Go through the material below and tally every line with the string "arMagnitude". Reply with the number only.

== Segment start ==

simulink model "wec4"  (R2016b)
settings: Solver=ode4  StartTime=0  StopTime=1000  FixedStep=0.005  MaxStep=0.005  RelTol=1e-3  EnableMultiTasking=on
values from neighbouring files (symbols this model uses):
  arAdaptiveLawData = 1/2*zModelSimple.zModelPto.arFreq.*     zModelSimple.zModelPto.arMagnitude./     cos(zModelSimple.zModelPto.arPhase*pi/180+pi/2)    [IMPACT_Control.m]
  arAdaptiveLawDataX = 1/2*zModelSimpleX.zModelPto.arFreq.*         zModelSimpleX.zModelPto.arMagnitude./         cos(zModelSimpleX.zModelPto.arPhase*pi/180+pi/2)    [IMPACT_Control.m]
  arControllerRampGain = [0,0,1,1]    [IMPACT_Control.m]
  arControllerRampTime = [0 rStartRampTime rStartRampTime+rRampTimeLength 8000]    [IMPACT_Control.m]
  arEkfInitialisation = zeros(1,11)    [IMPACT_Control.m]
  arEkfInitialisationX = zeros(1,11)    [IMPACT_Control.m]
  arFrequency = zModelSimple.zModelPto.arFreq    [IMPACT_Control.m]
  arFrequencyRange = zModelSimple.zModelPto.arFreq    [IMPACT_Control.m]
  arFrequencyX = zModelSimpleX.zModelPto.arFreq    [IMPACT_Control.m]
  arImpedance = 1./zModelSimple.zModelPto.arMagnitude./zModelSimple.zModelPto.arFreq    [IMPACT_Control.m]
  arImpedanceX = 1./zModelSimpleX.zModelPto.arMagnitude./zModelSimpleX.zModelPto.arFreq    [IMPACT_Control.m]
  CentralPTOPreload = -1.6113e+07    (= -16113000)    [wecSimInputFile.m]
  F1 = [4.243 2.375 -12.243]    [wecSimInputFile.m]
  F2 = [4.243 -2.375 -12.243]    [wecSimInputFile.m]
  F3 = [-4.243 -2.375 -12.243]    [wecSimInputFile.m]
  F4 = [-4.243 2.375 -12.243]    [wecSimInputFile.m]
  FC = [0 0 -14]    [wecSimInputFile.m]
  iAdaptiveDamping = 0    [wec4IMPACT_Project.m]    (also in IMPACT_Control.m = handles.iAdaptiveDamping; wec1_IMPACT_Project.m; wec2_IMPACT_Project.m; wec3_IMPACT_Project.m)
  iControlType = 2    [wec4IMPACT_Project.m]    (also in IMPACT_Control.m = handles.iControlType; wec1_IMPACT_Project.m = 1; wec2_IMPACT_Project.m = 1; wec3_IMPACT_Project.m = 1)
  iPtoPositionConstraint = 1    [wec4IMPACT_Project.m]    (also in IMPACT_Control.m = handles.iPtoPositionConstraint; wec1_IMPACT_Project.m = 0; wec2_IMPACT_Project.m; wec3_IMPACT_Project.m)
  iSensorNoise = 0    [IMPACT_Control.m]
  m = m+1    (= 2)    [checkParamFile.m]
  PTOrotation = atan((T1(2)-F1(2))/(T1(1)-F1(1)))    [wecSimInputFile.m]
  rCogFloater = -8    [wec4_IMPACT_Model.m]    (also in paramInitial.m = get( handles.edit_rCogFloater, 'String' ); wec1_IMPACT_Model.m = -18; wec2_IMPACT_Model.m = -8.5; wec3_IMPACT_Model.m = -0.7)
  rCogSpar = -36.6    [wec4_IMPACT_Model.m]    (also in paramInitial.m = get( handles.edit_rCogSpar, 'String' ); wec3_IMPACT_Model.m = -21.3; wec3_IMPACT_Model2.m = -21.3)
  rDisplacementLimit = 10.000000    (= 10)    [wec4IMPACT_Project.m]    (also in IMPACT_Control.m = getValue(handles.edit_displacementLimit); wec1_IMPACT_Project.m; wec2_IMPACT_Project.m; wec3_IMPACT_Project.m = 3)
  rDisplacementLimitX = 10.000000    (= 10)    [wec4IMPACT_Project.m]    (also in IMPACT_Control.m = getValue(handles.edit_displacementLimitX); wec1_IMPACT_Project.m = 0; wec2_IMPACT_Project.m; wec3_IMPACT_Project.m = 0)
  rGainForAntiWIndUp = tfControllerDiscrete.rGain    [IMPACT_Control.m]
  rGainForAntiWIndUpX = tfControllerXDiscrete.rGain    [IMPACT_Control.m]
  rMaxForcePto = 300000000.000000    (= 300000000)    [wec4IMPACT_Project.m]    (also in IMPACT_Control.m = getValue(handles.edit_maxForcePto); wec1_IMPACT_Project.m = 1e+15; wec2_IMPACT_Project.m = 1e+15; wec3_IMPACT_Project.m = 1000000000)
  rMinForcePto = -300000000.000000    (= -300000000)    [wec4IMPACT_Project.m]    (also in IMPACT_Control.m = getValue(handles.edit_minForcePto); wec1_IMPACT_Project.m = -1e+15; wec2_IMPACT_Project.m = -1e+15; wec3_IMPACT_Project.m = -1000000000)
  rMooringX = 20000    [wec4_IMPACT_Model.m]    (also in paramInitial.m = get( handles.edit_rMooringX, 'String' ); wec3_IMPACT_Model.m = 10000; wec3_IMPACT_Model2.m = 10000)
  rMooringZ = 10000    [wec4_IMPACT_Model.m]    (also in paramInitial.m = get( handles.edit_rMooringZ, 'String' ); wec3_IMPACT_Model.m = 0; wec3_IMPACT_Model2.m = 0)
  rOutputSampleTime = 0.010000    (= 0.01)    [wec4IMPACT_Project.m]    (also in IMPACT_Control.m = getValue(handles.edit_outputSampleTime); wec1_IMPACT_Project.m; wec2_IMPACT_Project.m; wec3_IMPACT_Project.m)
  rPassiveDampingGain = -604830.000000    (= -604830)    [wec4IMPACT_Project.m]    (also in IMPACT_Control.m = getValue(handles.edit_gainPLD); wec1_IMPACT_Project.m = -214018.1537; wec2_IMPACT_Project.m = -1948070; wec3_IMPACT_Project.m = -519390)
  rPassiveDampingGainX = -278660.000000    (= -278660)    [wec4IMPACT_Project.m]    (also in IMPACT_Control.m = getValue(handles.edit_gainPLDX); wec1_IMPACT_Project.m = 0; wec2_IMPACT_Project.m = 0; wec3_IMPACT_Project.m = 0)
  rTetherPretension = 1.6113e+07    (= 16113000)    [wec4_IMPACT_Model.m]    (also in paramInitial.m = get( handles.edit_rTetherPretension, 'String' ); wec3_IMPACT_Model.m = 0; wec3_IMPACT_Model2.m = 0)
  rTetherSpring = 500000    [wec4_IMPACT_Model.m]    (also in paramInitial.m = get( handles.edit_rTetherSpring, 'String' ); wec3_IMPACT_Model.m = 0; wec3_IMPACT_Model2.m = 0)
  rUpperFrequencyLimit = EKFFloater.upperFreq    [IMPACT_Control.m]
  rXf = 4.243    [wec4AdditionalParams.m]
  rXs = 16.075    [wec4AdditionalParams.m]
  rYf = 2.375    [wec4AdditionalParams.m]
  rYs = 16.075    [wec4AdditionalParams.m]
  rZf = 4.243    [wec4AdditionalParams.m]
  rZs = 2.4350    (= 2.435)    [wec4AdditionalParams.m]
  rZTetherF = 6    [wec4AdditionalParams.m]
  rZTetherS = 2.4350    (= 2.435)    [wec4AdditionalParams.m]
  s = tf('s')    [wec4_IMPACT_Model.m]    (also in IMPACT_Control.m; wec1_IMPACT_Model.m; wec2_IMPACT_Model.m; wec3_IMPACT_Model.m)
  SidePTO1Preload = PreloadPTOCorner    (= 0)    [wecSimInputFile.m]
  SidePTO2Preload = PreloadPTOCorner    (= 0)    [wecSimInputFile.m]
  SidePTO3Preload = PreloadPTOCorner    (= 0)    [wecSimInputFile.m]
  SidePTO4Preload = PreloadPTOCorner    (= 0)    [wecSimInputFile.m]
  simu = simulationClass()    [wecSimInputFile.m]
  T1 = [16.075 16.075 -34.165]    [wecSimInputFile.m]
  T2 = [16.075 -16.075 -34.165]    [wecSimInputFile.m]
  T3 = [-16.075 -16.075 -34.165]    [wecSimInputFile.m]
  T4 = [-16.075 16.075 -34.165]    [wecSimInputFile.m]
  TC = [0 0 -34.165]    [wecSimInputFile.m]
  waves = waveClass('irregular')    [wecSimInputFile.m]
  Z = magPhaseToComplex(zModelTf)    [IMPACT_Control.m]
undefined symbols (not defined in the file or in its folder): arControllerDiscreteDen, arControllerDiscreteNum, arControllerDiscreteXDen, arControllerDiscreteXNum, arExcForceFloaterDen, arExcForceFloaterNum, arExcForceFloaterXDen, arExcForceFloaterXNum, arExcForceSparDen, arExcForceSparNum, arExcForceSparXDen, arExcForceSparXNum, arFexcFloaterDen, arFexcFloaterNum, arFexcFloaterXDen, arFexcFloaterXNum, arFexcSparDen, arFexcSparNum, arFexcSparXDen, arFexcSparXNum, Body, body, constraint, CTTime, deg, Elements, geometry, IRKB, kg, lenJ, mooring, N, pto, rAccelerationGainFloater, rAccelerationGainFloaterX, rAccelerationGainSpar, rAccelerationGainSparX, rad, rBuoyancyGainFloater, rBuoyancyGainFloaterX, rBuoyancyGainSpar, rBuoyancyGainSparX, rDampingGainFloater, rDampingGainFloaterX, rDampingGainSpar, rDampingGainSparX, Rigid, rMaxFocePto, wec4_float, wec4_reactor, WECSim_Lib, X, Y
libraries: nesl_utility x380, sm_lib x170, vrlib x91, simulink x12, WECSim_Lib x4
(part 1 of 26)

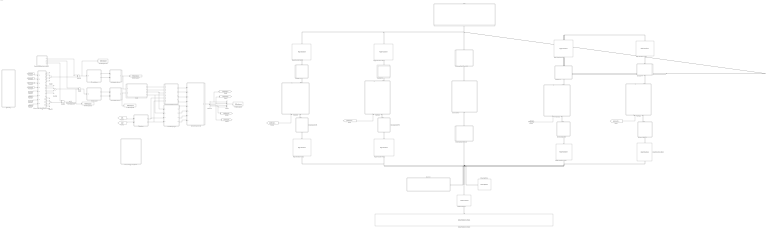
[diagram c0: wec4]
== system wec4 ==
  Central tether : Subsystem
  Demux1 : Demux
  EKFs : Subsystem
  Excitation force : Subsystem
  Excitation force1 : Subsystem
  Float : Subsystem  AncestorBlock=WECSim_Lib/Body Elements/Rigid Body  Variant=on
  Floating (3DOF) : WECSim_Lib/Constraints/Floating (3DOF)  constraint=constraint(1)
  Force of Tether in x,y and z1 : Subsystem
  Force of the four PTOs in x,y and z : Subsystem
  Gimbal F1 : Subsystem  AncestorBlock=WECSim_Lib/Constraints/Rotational
  Gimbal F2 : Subsystem  AncestorBlock=WECSim_Lib/Constraints/Rotational
  Gimbal F3 : Subsystem  AncestorBlock=WECSim_Lib/Constraints/Rotational
  Gimbal F4 : Subsystem  AncestorBlock=WECSim_Lib/Constraints/Rotational
  Global Reference Frame : WECSim_Lib/Frames/Global Reference Frame  waves=waves  simu=simu
  MooringMatrix : WECSim_Lib/Moorings/MooringMatrix  mooring=mooring(1)
  Mux5 : Mux
  OVT : Subsystem
  PTO P1F1 : Subsystem
  PTO P2F2 : Subsystem
  PTO P3F3 : Subsystem
  PTO P4F4 : Subsystem
  Reactor : Subsystem  AncestorBlock=WECSim_Lib/Body Elements/Rigid Body  Variant=on
  Rigid Transform F1P1 : sm_lib/Frames and Transforms/Rigid Transform  TranslationMethod=None  TranslationStandardOffset=0  TranslationLengthUnit=m  TranslationStandardAxis=+Z  TranslationCartesianOffset=[0 0 0]  TranslationROffset=0  TranslationROffsetUnits=m  TranslationZOffset=0  TranslationZOffsetUnits=m  TranslationThetaOffset=0  TranslationThetaOffsetUnits=deg  RotationMethod=StandardAxis  RotationAngleUnits=rad  RotationStandardAxis=+Z  RotationAngle=PTOrotation  RotationArbitraryAxis=[0 0 1]  FollAlignAxisA=+X  BaseAlignAxisA=+Y  FollAlignAxisB=+Y  BaseAlignAxisB=+Z  RotationSequenceAxes=FollowerAxes  RotationSequence=XYX  RotationSequenceAngles=[0 0 0]  RotationSequenceAnglesUnits=deg  RotationMatrix=[1 0 0; 0 1 0; 0 0 1]
  Rigid Transform F2P2 : sm_lib/Frames and Transforms/Rigid Transform  TranslationMethod=None  TranslationStandardOffset=0  TranslationLengthUnit=m  TranslationStandardAxis=+Z  TranslationCartesianOffset=[0 0 0]  TranslationROffset=0  TranslationROffsetUnits=m  TranslationZOffset=0  TranslationZOffsetUnits=m  TranslationThetaOffset=0  TranslationThetaOffsetUnits=deg  RotationMethod=StandardAxis  RotationAngleUnits=rad  RotationStandardAxis=+Z  RotationAngle=-PTOrotation  RotationArbitraryAxis=[0 0 1]  FollAlignAxisA=+X  BaseAlignAxisA=+Y  FollAlignAxisB=+Y  BaseAlignAxisB=+Z  RotationSequenceAxes=FollowerAxes  RotationSequence=XYX  RotationSequenceAngles=[0 0 0]  RotationSequenceAnglesUnits=deg  RotationMatrix=[1 0 0; 0 1 0; 0 0 1]
  Rigid Transform F3P3 : sm_lib/Frames and Transforms/Rigid Transform  TranslationMethod=None  TranslationStandardOffset=0  TranslationLengthUnit=m  TranslationStandardAxis=+Z  TranslationCartesianOffset=[0 0 0]  TranslationROffset=0  TranslationROffsetUnits=m  TranslationZOffset=0  TranslationZOffsetUnits=m  TranslationThetaOffset=0  TranslationThetaOffsetUnits=deg  RotationMethod=StandardAxis  RotationAngleUnits=rad  RotationStandardAxis=+Z  RotationAngle=-pi+PTOrotation  RotationArbitraryAxis=[0 0 1]  FollAlignAxisA=+X  BaseAlignAxisA=+Y  FollAlignAxisB=+Y  BaseAlignAxisB=+Z  RotationSequenceAxes=FollowerAxes  RotationSequence=XYX  RotationSequenceAngles=[0 0 0]  RotationSequenceAnglesUnits=deg  RotationMatrix=[1 0 0; 0 1 0; 0 0 1]
  Rigid Transform F4P4 : sm_lib/Frames and Transforms/Rigid Transform  TranslationMethod=None  TranslationStandardOffset=0  TranslationLengthUnit=m  TranslationStandardAxis=+Z  TranslationCartesianOffset=[0 0 0]  TranslationROffset=0  TranslationROffsetUnits=m  TranslationZOffset=0  TranslationZOffsetUnits=m  TranslationThetaOffset=0  TranslationThetaOffsetUnits=deg  RotationMethod=StandardAxis  RotationAngleUnits=rad  RotationStandardAxis=+Z  RotationAngle=pi-PTOrotation  RotationArbitraryAxis=[0 0 1]  FollAlignAxisA=+X  BaseAlignAxisA=+Y  FollAlignAxisB=+Y  BaseAlignAxisB=+Z  RotationSequenceAxes=FollowerAxes  RotationSequence=XYX  RotationSequenceAngles=[0 0 0]  RotationSequenceAnglesUnits=deg  RotationMatrix=[1 0 0; 0 1 0; 0 0 1]
  Rigid Transform P1F1 : sm_lib/Frames and Transforms/Rigid Transform  TranslationMethod=None  TranslationStandardOffset=0  TranslationLengthUnit=m  TranslationStandardAxis=+Z  TranslationCartesianOffset=[0 0 0]  TranslationROffset=0  TranslationROffsetUnits=m  TranslationZOffset=0  TranslationZOffsetUnits=m  TranslationThetaOffset=0  TranslationThetaOffsetUnits=deg  RotationMethod=StandardAxis  RotationAngleUnits=rad  RotationStandardAxis=+Z  RotationAngle=PTOrotation  RotationArbitraryAxis=[0 0 1]  FollAlignAxisA=+X  BaseAlignAxisA=+Y  FollAlignAxisB=+Y  BaseAlignAxisB=+Z  RotationSequenceAxes=FollowerAxes  RotationSequence=XYX  RotationSequenceAngles=[0 0 0]  RotationSequenceAnglesUnits=deg  RotationMatrix=[1 0 0; 0 1 0; 0 0 1]
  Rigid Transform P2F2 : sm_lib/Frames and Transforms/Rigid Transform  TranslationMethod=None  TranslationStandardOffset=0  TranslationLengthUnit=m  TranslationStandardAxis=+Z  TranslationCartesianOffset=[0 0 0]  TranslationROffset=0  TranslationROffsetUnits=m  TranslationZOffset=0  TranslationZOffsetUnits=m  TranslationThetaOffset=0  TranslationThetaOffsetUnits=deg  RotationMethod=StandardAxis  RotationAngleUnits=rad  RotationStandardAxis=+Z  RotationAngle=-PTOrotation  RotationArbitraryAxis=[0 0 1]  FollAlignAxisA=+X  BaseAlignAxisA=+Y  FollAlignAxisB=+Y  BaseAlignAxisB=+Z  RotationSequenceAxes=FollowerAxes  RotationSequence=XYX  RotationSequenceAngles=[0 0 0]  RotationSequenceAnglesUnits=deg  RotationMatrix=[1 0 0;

== Segment end ==

RESPONSE TO THIS EXERCISE: 4